→ What you need to do:
Send each entry back exactly as given, pictures excluded.

→ Dataset:
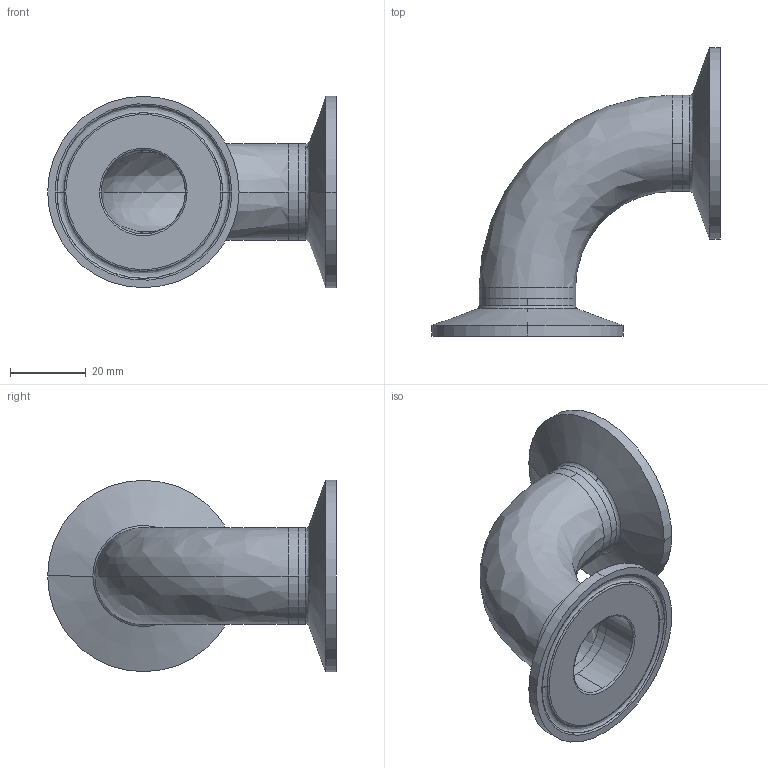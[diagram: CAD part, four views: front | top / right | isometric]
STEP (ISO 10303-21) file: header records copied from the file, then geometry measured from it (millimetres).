
FILE_DESCRIPTION (( 'STEP AP214' ), '1' );
FILE_NAME ('TEG2C6L1.0-...STEP', '2016-05-22T10:40:50', ( 'eran' ), ( '' ), 'SwSTEP 2.0', 'SolidWorks 2016', '' );
FILE_SCHEMA (( 'AUTOMOTIVE_DESIGN' ));
Length unit declared in the file: millimetre
Products named in the file (1): TEG2C6L1.0-..
Bounding box: 76 x 76 x 50.39 mm (x, y, z)
Volume: 24636.5 mm3; surface area: 19429.8 mm2
Topology: 3 solids, 3 shells, 64 faces, 160 edges, 104 vertices
Faces by surface type: bspline 24, cylinder 20, cone 12, plane 8
Entity records: 3080 total; most frequent: CARTESIAN_POINT 1493, DIRECTION 346, ORIENTED_EDGE 320, EDGE_CURVE 160, AXIS2_PLACEMENT_3D 157, CIRCLE 116, VERTEX_POINT 104, EDGE_LOOP 72

→ Result of the exercise:
[diagram: CAD part, four views: front | top / right | isometric]
STEP (ISO 10303-21) file: header records copied from the file, then geometry measured from it (millimetres).
FILE_DESCRIPTION (( 'STEP AP214' ), '1' );
FILE_NAME ('TEG2C6L1.0-...STEP', '2016-05-22T10:40:50', ( 'eran' ), ( '' ), 'SwSTEP 2.0', 'SolidWorks 2016', '' );
FILE_SCHEMA (( 'AUTOMOTIVE_DESIGN' ));
Length unit declared in the file: millimetre
Products named in the file (1): TEG2C6L1.0-..
Bounding box: 76 x 76 x 50.39 mm (x, y, z)
Volume: 24636.5 mm3; surface area: 19429.8 mm2
Topology: 3 solids, 3 shells, 64 faces, 160 edges, 104 vertices
Faces by surface type: bspline 24, cylinder 20, cone 12, plane 8
Entity records: 3080 total; most frequent: CARTESIAN_POINT 1493, DIRECTION 346, ORIENTED_EDGE 320, EDGE_CURVE 160, AXIS2_PLACEMENT_3D 157, CIRCLE 116, VERTEX_POINT 104, EDGE_LOOP 72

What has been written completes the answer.